_INPUT DATA_
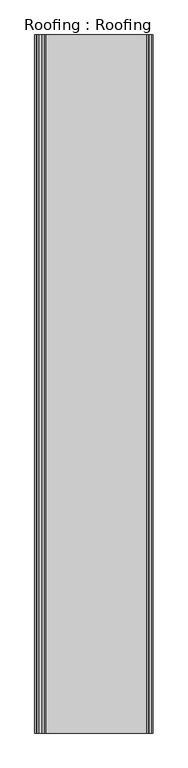
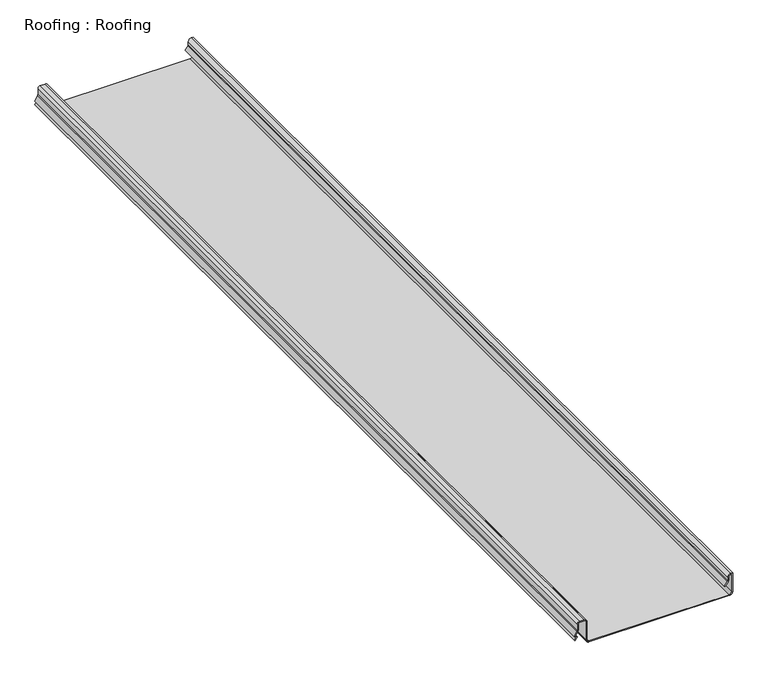
"""IFC4 building model written with IfcOpenShell, lengths in millimetres: proxy geometry, Roofing : Roofing."""

import ifcopenshell
import ifcopenshell.guid

model = None  # the IFC model being written
_history = None  # IfcOwnerHistory: only IFC2X3 demands one
_inside = {}  # id of a spatial element -> (the spatial element, [elements in it])
_under = {}  # id of a project, library or spatial element -> (it, [spatial elements below it])
_declared = {}  # id of a project -> (the project, [libraries it declares])
_typed = {}  # id of a type object -> (the type object, [elements of that type])
_made_of = {}  # id of a material, layer set ... -> (it, [elements and type objects made of it])


def new_model(schema):
    """Start an empty IFC model of exactly this schema.

    Asked for "IFC4X3", IfcOpenShell would pick the latest addendum, in which some entities
    have other attributes; the version numbers below select the first issue.
    IFC2X3 requires an IfcOwnerHistory on every rooted entity: one is made here for all.
    """
    global model, _history
    if schema == "IFC4X3":
        model = ifcopenshell.file(schema_version=(4, 3, 0, 0))
    else:
        model = ifcopenshell.file(schema=schema)
    _inside.clear()
    _under.clear()
    _declared.clear()
    _typed.clear()
    _made_of.clear()
    _history = None
    if model.schema == "IFC2X3":
        org = make("IfcOrganization", Name="unknown")
        user = make(
            "IfcPersonAndOrganization",
            ThePerson=make("IfcPerson", FamilyName="unknown"),
            TheOrganization=org,
        )
        app = make(
            "IfcApplication",
            ApplicationDeveloper=org,
            Version="unknown",
            ApplicationFullName="unknown",
            ApplicationIdentifier="unknown",
        )
        _history = make(
            "IfcOwnerHistory",
            OwningUser=user,
            OwningApplication=app,
            ChangeAction="ADDED",
            CreationDate=0,
        )
    return model


def make(cls, **values):
    """One entity of the class cls with the attributes given. An attribute that is None is left unset."""
    return model.create_entity(
        cls, **{name: value for name, value in values.items() if value is not None}
    )


def rooted(cls, **values):
    """An entity with a GlobalId (a new one), such as an element, a storey or a relation."""
    return make(cls, GlobalId=ifcopenshell.guid.new(), OwnerHistory=_history, **values)


def si_unit(unit_type, name, prefix=None):
    """IfcSIUnit, for example si_unit("LENGTHUNIT", "METRE", prefix="MILLI")."""
    return make("IfcSIUnit", UnitType=unit_type, Prefix=prefix, Name=name)


def assignment(units):
    """IfcUnitAssignment: the units of a project."""
    return None if units is None else make("IfcUnitAssignment", Units=units)


def point(xyz):
    """IfcCartesianPoint."""
    return None if xyz is None else make("IfcCartesianPoint", Coordinates=xyz)


def direction(xyz):
    """IfcDirection."""
    return None if xyz is None else make("IfcDirection", DirectionRatios=xyz)


def frame(location, z_axis=None, x_axis=None):
    """IfcAxis2Placement3D, a coordinate frame: its origin and axes. An axis left out is left unset."""
    return make(
        "IfcAxis2Placement3D",
        Location=point(location),
        Axis=direction(z_axis),
        RefDirection=direction(x_axis),
    )


def frame_2d(location, x_axis=None):
    """IfcAxis2Placement2D, a coordinate frame in the plane: its origin and x axis."""
    return make(
        "IfcAxis2Placement2D", Location=point(location), RefDirection=direction(x_axis)
    )


def origin():
    """The frame at (0, 0, 0) with its axes left unset."""
    return frame((0.0, 0.0, 0.0))


def place(relative_to, where):
    """IfcLocalPlacement: puts the frame where relative to a parent placement (None: the world)."""
    return make(
        "IfcLocalPlacement", PlacementRelTo=relative_to, RelativePlacement=where
    )


def context(
    kind, dimensions, precision=None, world=None, true_north=None, identifier=None
):
    """IfcGeometricRepresentationContext, for example the 3D "Model" context."""
    return make(
        "IfcGeometricRepresentationContext",
        ContextIdentifier=identifier,
        ContextType=kind,
        CoordinateSpaceDimension=dimensions,
        Precision=precision,
        WorldCoordinateSystem=world,
        TrueNorth=true_north,
    )


def project(units=None, contexts=None):
    """IfcProject with its units and contexts."""
    return rooted(
        "IfcProject",
        Name="project",
        RepresentationContexts=contexts,
        UnitsInContext=assignment(units),
    )


def spatial(cls, under=None, at=None, **own):
    """A site, building, storey or space (cls), placed at a placement, below another one or the project."""
    s = rooted(cls, ObjectPlacement=at, **own)
    if under is not None:
        _under.setdefault(under.id(), (under, []))[1].append(s)
    return s


def polyline(points):
    """IfcPolyline through the points."""
    return make("IfcPolyline", Points=[point(p) for p in points])


def circle_curve(where, radius):
    """IfcCircle in the frame where."""
    return make("IfcCircle", Position=where, Radius=radius)


def trimmed(basis, trim1, trim2, sense, master):
    """IfcTrimmedCurve: the piece of a basis curve between two trims."""
    return make(
        "IfcTrimmedCurve",
        BasisCurve=basis,
        Trim1=trim1,
        Trim2=trim2,
        SenseAgreement=sense,
        MasterRepresentation=master,
    )


def segment(curve, same_sense, transition):
    """IfcCompositeCurveSegment."""
    return make(
        "IfcCompositeCurveSegment",
        Transition=transition,
        SameSense=same_sense,
        ParentCurve=curve,
    )


def composite_curve(segments, self_intersect=None):
    """IfcCompositeCurve: segments joined end to end."""
    return make("IfcCompositeCurve", Segments=segments, SelfIntersect=self_intersect)


def outline(outer, holes=None, kind="AREA"):
    """IfcArbitraryClosedProfileDef: a profile drawn as a closed curve; with holes, ...WithVoids."""
    if holes is None:
        return make("IfcArbitraryClosedProfileDef", ProfileType=kind, OuterCurve=outer)
    return make(
        "IfcArbitraryProfileDefWithVoids",
        ProfileType=kind,
        OuterCurve=outer,
        InnerCurves=holes,
    )


def extrude(swept, where, along, depth):
    """IfcExtrudedAreaSolid: the profile swept, set in the frame where, extruded along a direction by depth."""
    return make(
        "IfcExtrudedAreaSolid",
        SweptArea=swept,
        Position=where,
        ExtrudedDirection=direction(along),
        Depth=depth,
    )


def shape(context_of_items, identifier, shape_type, items):
    """IfcShapeRepresentation: the items that make up one representation, for example the "Body"."""
    return make(
        "IfcShapeRepresentation",
        ContextOfItems=context_of_items,
        RepresentationIdentifier=identifier,
        RepresentationType=shape_type,
        Items=items,
    )


def source(mapping_origin, context_of_items, identifier, shape_type, items):
    """IfcRepresentationMap: a shape defined once, which mapped items show again and again."""
    return make(
        "IfcRepresentationMap",
        MappingOrigin=mapping_origin,
        MappedRepresentation=shape(context_of_items, identifier, shape_type, items),
    )


def transform(
    local_origin,
    x_axis=None,
    y_axis=None,
    z_axis=None,
    scale=None,
    scale2=None,
    scale3=None,
    uniform=True,
):
    """IfcCartesianTransformationOperator3D, or its non-uniform kind. x_axis, y_axis, z_axis: its Axis1, 2, 3."""
    if uniform:
        return make(
            "IfcCartesianTransformationOperator3D",
            Axis1=direction(x_axis),
            Axis2=direction(y_axis),
            LocalOrigin=point(local_origin),
            Scale=scale,
            Axis3=direction(z_axis),
        )
    return make(
        "IfcCartesianTransformationOperator3DnonUniform",
        Axis1=direction(x_axis),
        Axis2=direction(y_axis),
        LocalOrigin=point(local_origin),
        Scale=scale,
        Axis3=direction(z_axis),
        Scale2=scale2,
        Scale3=scale3,
    )


def mapped(mapping_source, mapping_target):
    """IfcMappedItem: shows the shape of a source again, moved by a transform."""
    return make(
        "IfcMappedItem", MappingSource=mapping_source, MappingTarget=mapping_target
    )


def made_of(thing, what):
    """Note that an element or type object is made of a material, layer set ...; save() writes the relation."""
    if what is not None:
        _made_of.setdefault(what.id(), (what, []))[1].append(thing)
    return thing


def element(
    cls,
    number,
    at=None,
    inside=None,
    cuts=None,
    type_object=None,
    material=None,
    context=None,
    identifier="Body",
    shape_type=None,
    held_by="IfcProductDefinitionShape",
    body=None,
    shapes=None,
    **own,
):
    """One element of the class cls, such as IfcWall. Its Tag is "e" and its number.

    at: its placement. inside: the storey or other place that contains it. cuts: it is an
    opening in that element (IfcRelVoidsElement). A single representation is given by context,
    identifier, shape_type and body (its items); several are given by shapes. held_by: the class
    of the entity that holds the representations. save() writes the other relations.
    """
    e = rooted(cls, Tag="e%d" % number, ObjectPlacement=at, **own)
    if body is not None:
        shapes = [shape(context, identifier, shape_type, body)]
    if shapes is not None:
        e.Representation = make(held_by, Representations=shapes)
    if inside is not None:
        _inside.setdefault(inside.id(), (inside, []))[1].append(e)
    if cuts is not None:
        rooted(
            "IfcRelVoidsElement", RelatingBuildingElement=cuts, RelatedOpeningElement=e
        )
    if type_object is not None:
        _typed.setdefault(type_object.id(), (type_object, []))[1].append(e)
    return made_of(e, material)


def aggregate(whole, parts):
    """IfcRelAggregates: a whole, such as a stair, and the parts it consists of."""
    return rooted("IfcRelAggregates", RelatingObject=whole, RelatedObjects=parts)


def save(model, path):
    """Write the relations noted so far, then the file.

    IfcRelAggregates (storeys below a building ...), IfcRelContainedInSpatialStructure (elements
    in a storey), IfcRelDefinesByType, IfcRelAssociatesMaterial and IfcRelDeclares: one each for
    every whole, place, type object, material and project.
    """
    for whole, parts in _under.values():
        aggregate(whole, parts)
    for where, things in _inside.values():
        rooted(
            "IfcRelContainedInSpatialStructure",
            RelatedElements=things,
            RelatingStructure=where,
        )
    for kind, things in _typed.values():
        rooted("IfcRelDefinesByType", RelatedObjects=things, RelatingType=kind)
    for what, things in _made_of.values():
        rooted("IfcRelAssociatesMaterial", RelatedObjects=things, RelatingMaterial=what)
    for by, libraries in _declared.values():
        rooted("IfcRelDeclares", RelatingContext=by, RelatedDefinitions=libraries)
    model.write(path)


def roofing_roofing_e53e7194(model_context):
    return source(origin(), model_context, "Body", "SweptSolid", [
        extrude(outline(composite_curve([segment(trimmed(circle_curve(frame_2d((43490.7540667, -5832.0326367)), 5.08), [point((43487.7710372, -5827.9207108))], [point((43490.7540667, -5826.9526367))], False, "CARTESIAN"), True, "CONTINUOUS"), segment(polyline([(43490.7540667, -5826.9526367), (43497.510625, -5826.9526367)]), True, "CONTINUOUS"), segment(trimmed(circle_curve(frame_2d((43497.510625, -5821.8726367)), 5.08), [point((43497.510625, -5826.9526367))], [point((43502.590625, -5821.8726367))], True, "CARTESIAN"), True, "CONTINUOUS"), segment(polyline([(43502.590625, -5821.8726367), (43502.590625, -5820.277832), (43462.8534375, -5820.277832)]), True, "CONTINUOUS"), segment(trimmed(circle_curve(frame_2d((43462.8534375, -5825.357832)), 5.08), [point((43462.8534375, -5820.277832))], [point((43457.7734375, -5825.357832))], True, "CARTESIAN"), True, "CONTINUOUS"), segment(polyline([(43457.7734375, -5825.357832), (43457.7734375, -6125.6319141)]), True, "CONTINUOUS"), segment(trimmed(circle_curve(frame_2d((43462.8534375, -6125.6319141)), 5.08), [point((43457.7734375, -6125.6319141))], [point((43462.8534375, -6130.7119141))], True, "CARTESIAN"), True, "CONTINUOUS"), segment(polyline([(43462.8534375, -6130.7119141), (43504.466875, -6130.7119141)]), True, "CONTINUOUS"), segment(trimmed(circle_curve(frame_2d((43504.466875, -6135.7919141)), 5.08), [point((43504.466875, -6130.7119141))], [point((43509.546875, -6135.7919141))], False, "CARTESIAN"), True, "CONTINUOUS"), segment(polyline([(43509.546875, -6135.7919141), (43509.546875, -6145.799691)]), True, "CONTINUOUS"), segment(trimmed(circle_curve(frame_2d((43504.466875, -6145.799691)), 5.08), [point((43509.546875, -6145.799691))], [point((43504.466875, -6150.879691))], False, "CARTESIAN"), True, "CONTINUOUS"), segment(polyline([(43504.466875, -6150.879691), (43491.2843008, -6150.879691)]), True, "CONTINUOUS"), segment(trimmed(circle_curve(frame_2d((43491.2843008, -6155.959691)), 5.08), [point((43491.2843008, -6150.879691))], [point((43488.7802894, -6151.5396993))], True, "CARTESIAN"), True, "CONTINUOUS"), segment(polyline([(43488.7802894, -6151.5396993), (43478.2226563, -6157.5208042), (43475.78125, -6153.3567417), (43470.1796875, -6157.3557652), (43469.0176138, -6155.7280107), (43476.399929, -6150.4576863), (43478.9513272, -6154.8093511), (43487.7944581, -6149.7995451)]), True, "CONTINUOUS"), segment(trimmed(circle_curve(frame_2d((43491.2843008, -6155.959691)), 7.08), [point((43487.7944581, -6149.7995451))], [point((43491.2843008, -6148.879691))], False, "CARTESIAN"), True, "CONTINUOUS"), segment(polyline([(43491.2843008, -6148.879691), (43504.466875, -6148.879691)]), True, "CONTINUOUS"), segment(trimmed(circle_curve(frame_2d((43504.466875, -6145.799691)), 3.08), [point((43504.466875, -6148.879691))], [point((43507.546875, -6145.799691))], True, "CARTESIAN"), True, "CONTINUOUS"), segment(polyline([(43507.546875, -6145.799691), (43507.546875, -6135.7919141)]), True, "CONTINUOUS"), segment(trimmed(circle_curve(frame_2d((43504.466875, -6135.7919141)), 3.08), [point((43507.546875, -6135.7919141))], [point((43504.466875, -6132.7119141))], True, "CARTESIAN"), True, "CONTINUOUS"), segment(polyline([(43504.466875, -6132.7119141), (43462.8534375, -6132.7119141)]), True, "CONTINUOUS"), segment(trimmed(circle_curve(frame_2d((43462.8534375, -6125.6319141)), 7.08), [point((43462.8534375, -6132.7119141))], [point((43455.7734375, -6125.6319141))], False, "CARTESIAN"), True, "CONTINUOUS"), segment(polyline([(43455.7734375, -6125.6319141), (43455.7734375, -5825.357832)]), True, "CONTINUOUS"), segment(trimmed(circle_curve(frame_2d((43462.8534375, -5825.357832)), 7.08), [point((43455.7734375, -5825.357832))], [point((43462.8534375, -5818.277832))], False, "CARTESIAN"), True, "CONTINUOUS"), segment(polyline([(43462.8534375, -5818.277832), (43504.590625, -5818.277832), (43504.590625, -5821.8726367)]), True, "CONTINUOUS"), segment(trimmed(circle_curve(frame_2d((43497.510625, -5821.8726367)), 7.08), [point((43504.590625, -5821.8726367))], [point((43497.510625, -5828.9526367))], False, "CARTESIAN"), True, "CONTINUOUS"), segment(polyline([(43497.510625, -5828.9526367), (43490.7540667, -5828.9526367)]), True, "CONTINUOUS"), segment(trimmed(circle_curve(frame_2d((43490.7540667, -5832.0326367)), 3.08), [point((43490.7540667, -5828.9526367))], [point((43488.9454582, -5829.5395793))], True, "CARTESIAN"), True, "CONTINUOUS"), segment(polyline([(43488.9454582, -5829.5395793), (43480.4712961, -5835.6872279), (43479.296875, -5834.0683594), (43487.7710372, -5827.9207108)]), True, "CONTINUOUS")], self_intersect=False)), frame((0.0, 7982.1531721, 0.0), z_axis=(0.0, 1.0, 0.0), x_axis=(0.0, 0.0, 1.0)), (0.0, 0.0, 1.0), 2000.0),
    ])


if __name__ == "__main__":
    model = new_model("IFC4")
    model_context = context("Model", 3, world=origin())
    ifc_project = project(units=[si_unit("LENGTHUNIT", "METRE", prefix="MILLI")], contexts=[model_context])
    site = spatial("IfcSite", under=ifc_project)
    building = spatial("IfcBuilding", under=site)
    placement = place(None, origin())
    roofing_roofing_shape = roofing_roofing_e53e7194(model_context)
    element("IfcBuildingElementProxy", 1, Name="Roofing : Roofing", ObjectType="Roofing : Roofing", at=placement, inside=building, context=model_context, shape_type="MappedRepresentation", body=[
        mapped(roofing_roofing_shape, transform((0.0, 0.0, 0.0), x_axis=(1.0, 0.0, 0.0), y_axis=(0.0, 1.0, 0.0), z_axis=(0.0, 0.0, 1.0))),
    ])
    save(model, "model.ifc")

# Revit data of these elements
# Type "Roofing : Roofing"
#   NameOverride = "Roofing"
# Element 1 (IfcBuildingElementProxy, "Roofing : Roofing")
#   Materials on its faces: "STANDING SEAM METAL ROOF"
# Materials
#   "STANDING SEAM METAL ROOF": class "Unassigned", colour RGB 128 128 128, transparency 0

_HOW TO COMPLETE THIS TASK_
Your answer should consist of each line above in which "IfcTrimmedCurve" appears.

_RESULT_
    """IfcTrimmedCurve: the piece of a basis curve between two trims."""
        "IfcTrimmedCurve",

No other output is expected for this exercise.